**DIRECTIONS FOR THIS TASK**:
Retype, word for word, only the lines from the one with "Fillet = 0.76 cm" through the last line of the data below.

SUPPLIED RECORDS section start

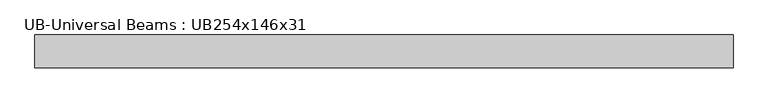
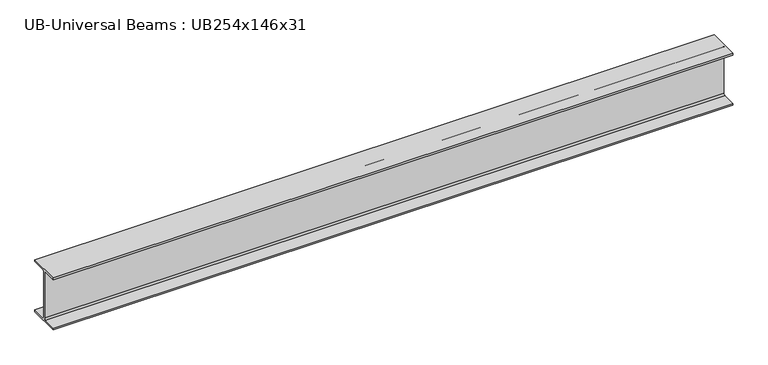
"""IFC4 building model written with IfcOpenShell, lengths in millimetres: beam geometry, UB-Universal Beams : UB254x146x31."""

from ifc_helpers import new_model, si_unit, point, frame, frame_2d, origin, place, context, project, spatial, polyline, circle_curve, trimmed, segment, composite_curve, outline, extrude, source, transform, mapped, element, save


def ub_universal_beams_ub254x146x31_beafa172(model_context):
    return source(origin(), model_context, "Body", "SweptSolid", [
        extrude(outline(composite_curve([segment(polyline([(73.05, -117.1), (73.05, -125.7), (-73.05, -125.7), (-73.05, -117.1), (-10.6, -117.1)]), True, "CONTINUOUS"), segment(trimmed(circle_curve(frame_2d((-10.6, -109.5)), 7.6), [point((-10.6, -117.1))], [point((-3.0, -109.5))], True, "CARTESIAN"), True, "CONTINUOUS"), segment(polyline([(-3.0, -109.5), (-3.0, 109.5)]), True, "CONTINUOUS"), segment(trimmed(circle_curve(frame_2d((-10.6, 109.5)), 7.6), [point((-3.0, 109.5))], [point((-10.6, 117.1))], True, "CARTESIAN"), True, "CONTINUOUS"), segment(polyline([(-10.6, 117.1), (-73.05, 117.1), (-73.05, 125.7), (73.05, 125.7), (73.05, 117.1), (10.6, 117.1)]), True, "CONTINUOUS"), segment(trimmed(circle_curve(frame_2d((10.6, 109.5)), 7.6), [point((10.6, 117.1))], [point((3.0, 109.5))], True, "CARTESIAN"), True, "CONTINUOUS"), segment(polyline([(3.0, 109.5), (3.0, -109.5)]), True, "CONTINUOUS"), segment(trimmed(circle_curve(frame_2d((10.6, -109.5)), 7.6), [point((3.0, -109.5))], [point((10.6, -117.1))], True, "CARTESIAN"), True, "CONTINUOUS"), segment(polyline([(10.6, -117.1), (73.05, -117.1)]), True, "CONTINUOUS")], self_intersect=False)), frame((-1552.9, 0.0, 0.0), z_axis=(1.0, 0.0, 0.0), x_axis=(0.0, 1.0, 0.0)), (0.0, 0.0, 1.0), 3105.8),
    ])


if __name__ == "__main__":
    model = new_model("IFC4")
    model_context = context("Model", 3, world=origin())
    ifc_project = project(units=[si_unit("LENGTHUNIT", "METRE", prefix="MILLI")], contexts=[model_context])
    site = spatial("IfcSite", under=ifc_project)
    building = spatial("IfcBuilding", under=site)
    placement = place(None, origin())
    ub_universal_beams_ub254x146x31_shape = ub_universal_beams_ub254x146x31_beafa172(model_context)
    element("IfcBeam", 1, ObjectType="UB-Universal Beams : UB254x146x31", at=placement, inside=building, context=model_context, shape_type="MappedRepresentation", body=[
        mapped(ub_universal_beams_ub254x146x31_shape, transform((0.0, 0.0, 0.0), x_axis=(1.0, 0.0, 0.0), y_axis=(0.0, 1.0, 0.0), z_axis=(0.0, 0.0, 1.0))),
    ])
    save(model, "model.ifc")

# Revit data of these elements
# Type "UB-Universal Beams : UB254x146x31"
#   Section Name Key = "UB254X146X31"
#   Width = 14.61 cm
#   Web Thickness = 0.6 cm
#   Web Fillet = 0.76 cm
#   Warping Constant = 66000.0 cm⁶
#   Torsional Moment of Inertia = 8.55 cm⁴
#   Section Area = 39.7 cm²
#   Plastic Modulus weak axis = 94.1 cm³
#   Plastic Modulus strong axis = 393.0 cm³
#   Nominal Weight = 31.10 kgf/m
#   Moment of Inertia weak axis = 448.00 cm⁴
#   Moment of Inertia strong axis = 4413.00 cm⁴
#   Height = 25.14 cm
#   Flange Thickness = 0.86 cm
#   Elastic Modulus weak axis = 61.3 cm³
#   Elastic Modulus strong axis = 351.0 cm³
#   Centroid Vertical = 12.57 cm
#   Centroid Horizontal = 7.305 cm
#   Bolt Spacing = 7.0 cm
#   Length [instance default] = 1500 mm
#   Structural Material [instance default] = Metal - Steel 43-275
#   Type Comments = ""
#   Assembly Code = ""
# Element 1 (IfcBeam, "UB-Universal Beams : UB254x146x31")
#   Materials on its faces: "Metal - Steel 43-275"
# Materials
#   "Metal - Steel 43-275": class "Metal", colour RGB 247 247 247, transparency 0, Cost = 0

SUPPLIED RECORDS section end

**OUTPUT BELOW**:
#   Web Fillet = 0.76 cm
#   Warping Constant = 66000.0 cm⁶
#   Torsional Moment of Inertia = 8.55 cm⁴
#   Section Area = 39.7 cm²
#   Plastic Modulus weak axis = 94.1 cm³
#   Plastic Modulus strong axis = 393.0 cm³
#   Nominal Weight = 31.10 kgf/m
#   Moment of Inertia weak axis = 448.00 cm⁴
#   Moment of Inertia strong axis = 4413.00 cm⁴
#   Height = 25.14 cm
#   Flange Thickness = 0.86 cm
#   Elastic Modulus weak axis = 61.3 cm³
#   Elastic Modulus strong axis = 351.0 cm³
#   Centroid Vertical = 12.57 cm
#   Centroid Horizontal = 7.305 cm
#   Bolt Spacing = 7.0 cm
#   Length [instance default] = 1500 mm
#   Structural Material [instance default] = Metal - Steel 43-275
#   Type Comments = ""
#   Assembly Code = ""
# Element 1 (IfcBeam, "UB-Universal Beams : UB254x146x31")
#   Materials on its faces: "Metal - Steel 43-275"
# Materials
#   "Metal - Steel 43-275": class "Metal", colour RGB 247 247 247, transparency 0, Cost = 0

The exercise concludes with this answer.